"Get rid of the maple bats. Absolutely, 100 percent," Macha said. "What's going to really happen is one's going to go in the stands. ... There's people in the stands, they're not paying attention to anything. They're talking to the guy three seats down, not even going to move to get out of the way."
Macha was asked about the maple bats in light of a chest injury suffered Sunday by Cubs rookie Tyler Colvin, who was struck by a portion of Wellington Castillo's shattered bat. Colvin was in stable condition shortly after the game, but is expected to miss the rest of the 2010 season.
While he believes maple bats should be eliminated from use, that doesn't mean Macha is unaware of the reason behind the players' preference.

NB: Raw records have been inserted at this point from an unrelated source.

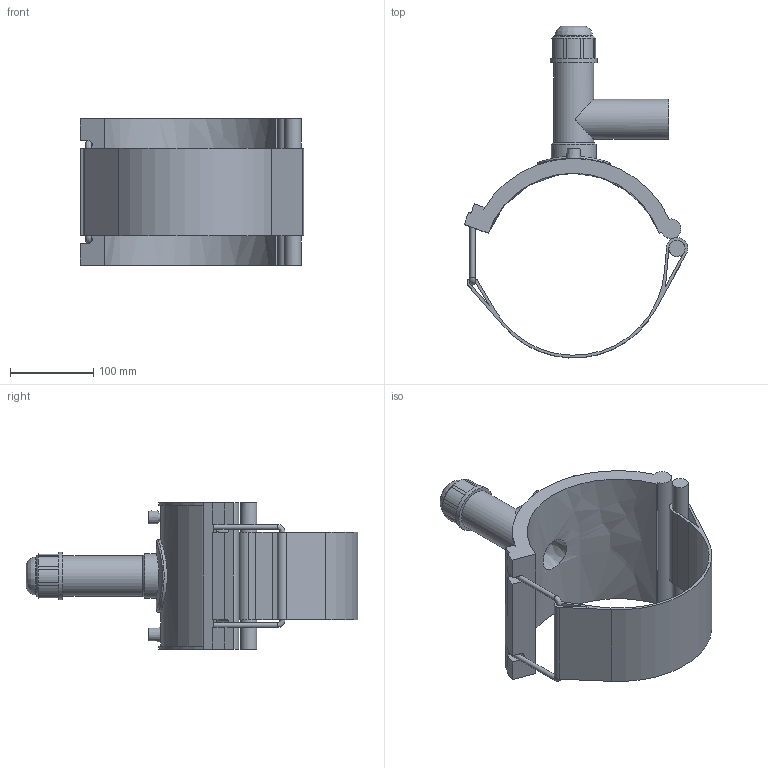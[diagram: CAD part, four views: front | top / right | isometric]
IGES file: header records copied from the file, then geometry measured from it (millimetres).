
Global section: file name: 5963BB03080015.ipt; native system: Autodesk Inventor 2019; preprocessor: unknown; author: KIM; date: 20210830.101434; units: millimetre
Bounding box: 268.63 x 398.85 x 176.02 mm (x, y, z)
Volume: 1362868.6 mm3; surface area: 318530.8 mm2
Topology: 2 solids, 2 shells, 122 faces, 304 edges, 195 vertices
Faces by surface type: plane 69, cylinder 29, revolution 12, cone 11, bspline 1
Full cylindrical faces by diameter (mm): 4 x2, 6.124 x2, 19.347 x1, 45.49 x1, 48.1 x1, 48.333 x1, 54.019 x1, 56.862 x1, 87.48 x1
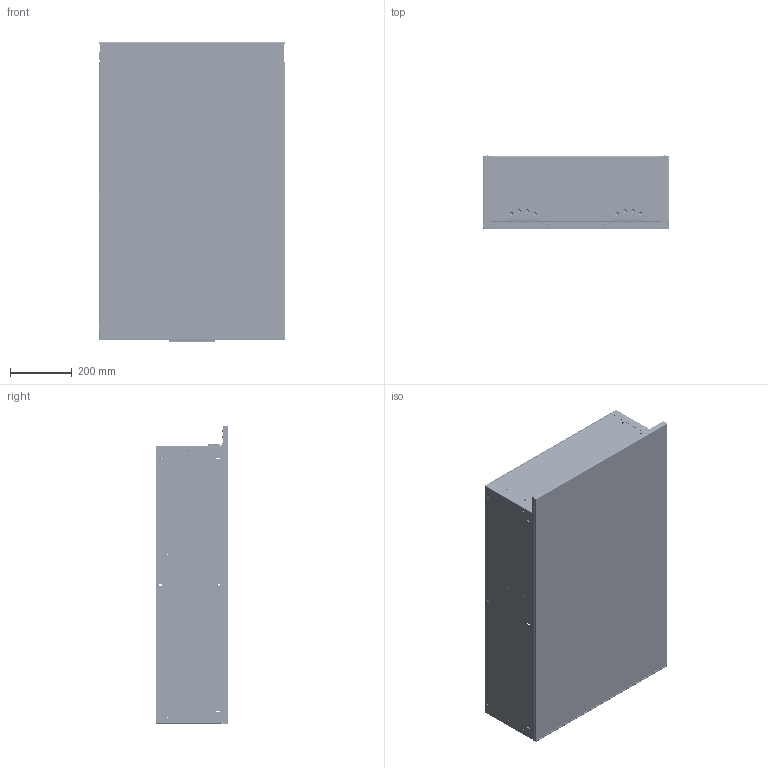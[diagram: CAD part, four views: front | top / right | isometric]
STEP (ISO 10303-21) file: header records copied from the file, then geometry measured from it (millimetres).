
FILE_DESCRIPTION (( 'STEP AP214' ), '1' );
FILE_NAME ('TSL.MR30.STEP', '2025-01-27T16:11:58', ( '' ), ( '' ), 'SwSTEP 2.0', 'SolidWorks 2022', '' );
FILE_SCHEMA (( 'AUTOMOTIVE_DESIGN' ));
Length unit declared in the file: millimetre
Products named in the file (1): TSL.MR30
Bounding box: 601.49 x 234.95 x 968.55 mm (x, y, z)
Surface area: 4827197 mm2 (no closed solid volume)
Topology: 0 solids, 178 shells, 5284 faces, 13074 edges, 8233 vertices
Faces by surface type: plane 2227, cylinder 1847, cone 661, torus 393, sphere 118, bspline 38
Entity records: 228933 total; most frequent: CARTESIAN_POINT 40168, DIRECTION 28206, ORIENTED_EDGE 26092, EDGE_CURVE 13054, AXIS2_PLACEMENT_3D 11066, VERTEX_POINT 8233, EDGE_LOOP 6173, LINE 6074
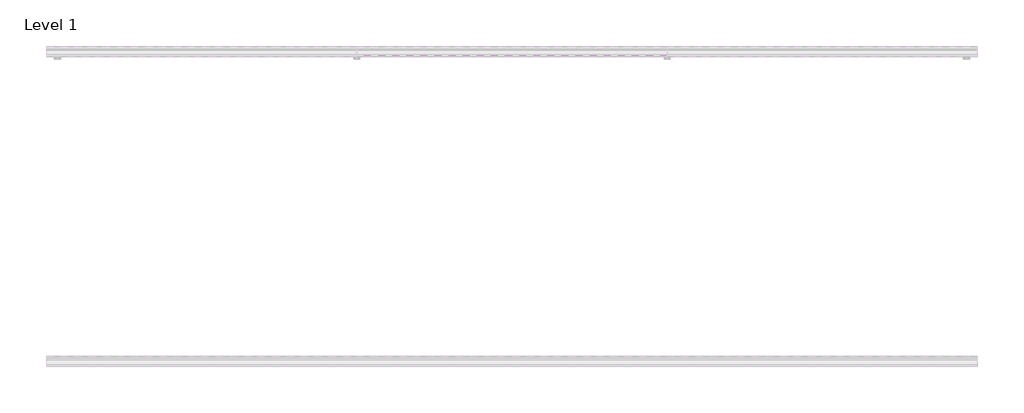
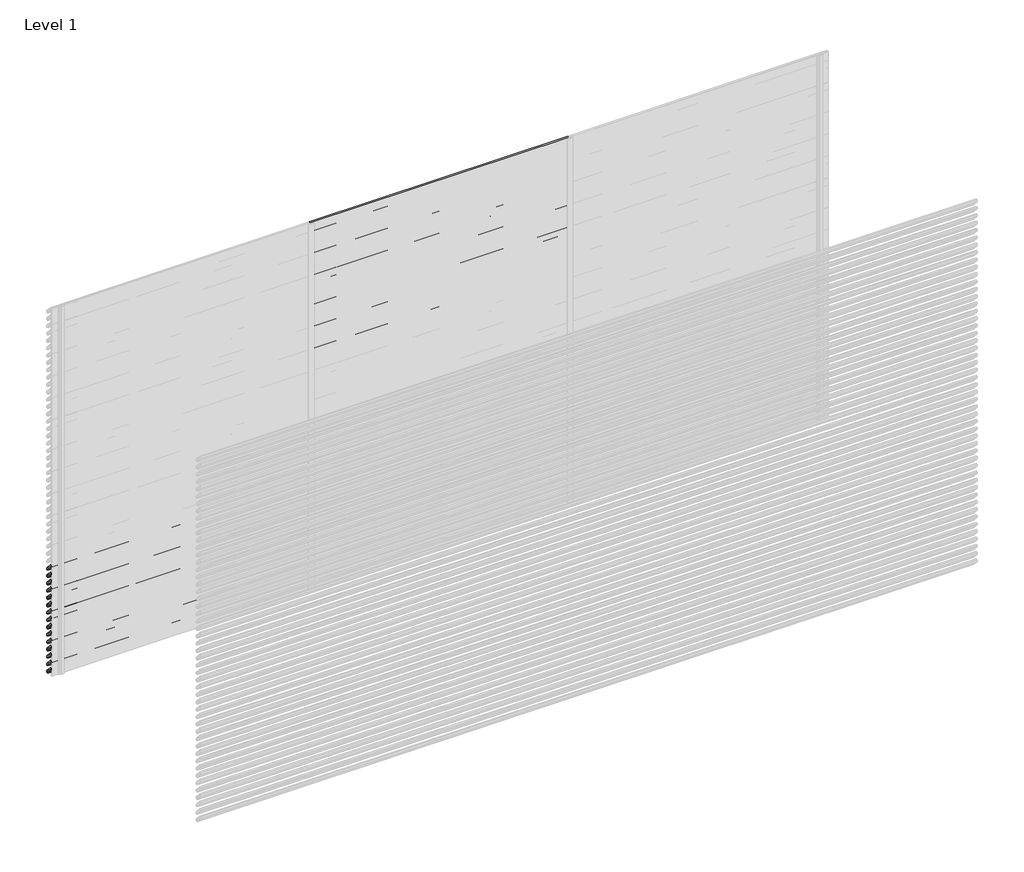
# One storey, part 97 of 153: 33 proxies.
"""IFC4 building model written with IfcOpenShell, lengths in millimetres."""

from ifc_helpers import new_model, si_unit, point, frame, frame_2d, origin, place, context, project, spatial, polyline, circle_curve, trimmed, segment, composite_curve, outline, extrude, element, save

model = new_model("IFC4")

# Units and contexts
model_context = context("Model", 3, world=origin())
ifc_project = project(units=[si_unit("LENGTHUNIT", "METRE", prefix="MILLI")], contexts=[model_context])

# Site, building, storey
site = spatial("IfcSite", under=ifc_project)
building = spatial("IfcBuilding", under=site)
storey = spatial("IfcBuildingStorey", under=building, Name="Level 1", Elevation=0.0)

# Proxies
placement = place(None, origin())
element("IfcBuildingElementProxy", 1, Name="Wall Sweeps", at=placement, inside=storey, context=model_context, shape_type="SweptSolid", body=[
    extrude(outline(composite_curve([segment(polyline([(43985.0540136, 900.0), (43999.874191, 898.7034025), (44049.0540136, 845.0102749), (44049.0540136, 833.6108187)]), True, "CONTINUOUS"), segment(trimmed(circle_curve(frame_2d((44045.7883652, 833.897153)), 3.2781774), [point((44049.0540136, 833.6108187))], [point((44046.4639442, 830.6893438))], False, "CARTESIAN"), True, "CONTINUOUS"), segment(polyline([(44046.4639442, 830.6893438), (44034.1895723, 831.6282758), (43985.0540136, 885.2730773), (43985.0540136, 900.0)]), True, "CONTINUOUS")], self_intersect=False), holes=[composite_curve([segment(polyline([(43999.1621773, 897.2599659), (43986.5540136, 898.3630372), (43986.5540136, 885.856213), (44034.8952036, 833.0786805), (44046.3312542, 832.2038762)]), True, "CONTINUOUS"), segment(trimmed(circle_curve(frame_2d((44045.7883652, 833.897153)), 1.7781774), [point((44046.3312542, 832.2038762))], [point((44047.5540136, 833.6864389))], True, "CARTESIAN"), True, "CONTINUOUS"), segment(polyline([(44047.5540136, 833.6864389), (44047.5540136, 844.4271392), (43999.1621773, 897.2599659)]), True, "CONTINUOUS")], self_intersect=False)]), frame((44966.6208097, 0.0, 0.0), z_axis=(1.0, 0.0, 0.0), x_axis=(0.0, 1.0, 0.0)), (0.0, 0.0, 1.0), 2000.0000001),
])
element("IfcBuildingElementProxy", 2, Name="Wall Sweeps", at=placement, inside=storey, context=model_context, shape_type="SweptSolid", body=[
    extrude(outline(composite_curve([segment(polyline([(43985.0540136, 840.0), (43999.874191, 838.7034025), (44049.0540136, 785.0102749), (44049.0540136, 773.6108187)]), True, "CONTINUOUS"), segment(trimmed(circle_curve(frame_2d((44045.7883652, 773.897153)), 3.2781774), [point((44049.0540136, 773.6108187))], [point((44046.4639442, 770.6893438))], False, "CARTESIAN"), True, "CONTINUOUS"), segment(polyline([(44046.4639442, 770.6893438), (44034.1895723, 771.6282758), (43985.0540136, 825.2730773), (43985.0540136, 840.0)]), True, "CONTINUOUS")], self_intersect=False), holes=[composite_curve([segment(polyline([(43999.1621773, 837.2599659), (43986.5540136, 838.3630372), (43986.5540136, 825.856213), (44034.8952036, 773.0786805), (44046.3312542, 772.2038762)]), True, "CONTINUOUS"), segment(trimmed(circle_curve(frame_2d((44045.7883652, 773.897153)), 1.7781774), [point((44046.3312542, 772.2038762))], [point((44047.5540136, 773.6864389))], True, "CARTESIAN"), True, "CONTINUOUS"), segment(polyline([(44047.5540136, 773.6864389), (44047.5540136, 784.4271392), (43999.1621773, 837.2599659)]), True, "CONTINUOUS")], self_intersect=False)]), frame((44966.6208097, 0.0, 0.0), z_axis=(1.0, 0.0, 0.0), x_axis=(0.0, 1.0, 0.0)), (0.0, 0.0, 1.0), 2000.0000001),
])
element("IfcBuildingElementProxy", 3, Name="Wall Sweeps", at=placement, inside=storey, context=model_context, shape_type="SweptSolid", body=[
    extrude(outline(composite_curve([segment(polyline([(43985.0540136, 780.0), (43999.874191, 778.7034025), (44049.0540136, 725.0102749), (44049.0540136, 713.6108187)]), True, "CONTINUOUS"), segment(trimmed(circle_curve(frame_2d((44045.7883652, 713.897153)), 3.2781774), [point((44049.0540136, 713.6108187))], [point((44046.4639442, 710.6893438))], False, "CARTESIAN"), True, "CONTINUOUS"), segment(polyline([(44046.4639442, 710.6893438), (44034.1895723, 711.6282758), (43985.0540136, 765.2730773), (43985.0540136, 780.0)]), True, "CONTINUOUS")], self_intersect=False), holes=[composite_curve([segment(polyline([(43999.1621773, 777.2599659), (43986.5540136, 778.3630372), (43986.5540136, 765.856213), (44034.8952036, 713.0786805), (44046.3312542, 712.2038762)]), True, "CONTINUOUS"), segment(trimmed(circle_curve(frame_2d((44045.7883652, 713.897153)), 1.7781774), [point((44046.3312542, 712.2038762))], [point((44047.5540136, 713.6864389))], True, "CARTESIAN"), True, "CONTINUOUS"), segment(polyline([(44047.5540136, 713.6864389), (44047.5540136, 724.4271392), (43999.1621773, 777.2599659)]), True, "CONTINUOUS")], self_intersect=False)]), frame((44966.6208097, 0.0, 0.0), z_axis=(1.0, 0.0, 0.0), x_axis=(0.0, 1.0, 0.0)), (0.0, 0.0, 1.0), 2000.0000001),
])
element("IfcBuildingElementProxy", 4, Name="Wall Sweeps", at=placement, inside=storey, context=model_context, shape_type="SweptSolid", body=[
    extrude(outline(composite_curve([segment(polyline([(43985.0540136, 720.0), (43999.874191, 718.7034025), (44049.0540136, 665.0102749), (44049.0540136, 653.6108187)]), True, "CONTINUOUS"), segment(trimmed(circle_curve(frame_2d((44045.7883652, 653.897153)), 3.2781774), [point((44049.0540136, 653.6108187))], [point((44046.4639442, 650.6893438))], False, "CARTESIAN"), True, "CONTINUOUS"), segment(polyline([(44046.4639442, 650.6893438), (44034.1895723, 651.6282758), (43985.0540136, 705.2730773), (43985.0540136, 720.0)]), True, "CONTINUOUS")], self_intersect=False), holes=[composite_curve([segment(polyline([(43999.1621773, 717.2599659), (43986.5540136, 718.3630372), (43986.5540136, 705.856213), (44034.8952036, 653.0786805), (44046.3312542, 652.2038762)]), True, "CONTINUOUS"), segment(trimmed(circle_curve(frame_2d((44045.7883652, 653.897153)), 1.7781774), [point((44046.3312542, 652.2038762))], [point((44047.5540136, 653.6864389))], True, "CARTESIAN"), True, "CONTINUOUS"), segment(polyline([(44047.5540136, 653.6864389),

"That wood is absolutely harder," Macha said of the maple bats. "You'd hit with these ash bats and if you hit the ball on a seam, you could see a dent with the seam on the bat. But with the maple, it's so hard guys will use the thing and you will see no dents in the bat at all.
"When you've got two objects striking into each other, the amount of energy that goes in the opposite direction after they hit is not being absorbed by the compression of that bat, so the ball's going further. I understand that point."
But the potential for the type of injury suffered by Colvin, Macha said, is reason enough to eliminate the bats, regardless of the difference in performance between the hard maple wood and softer ash.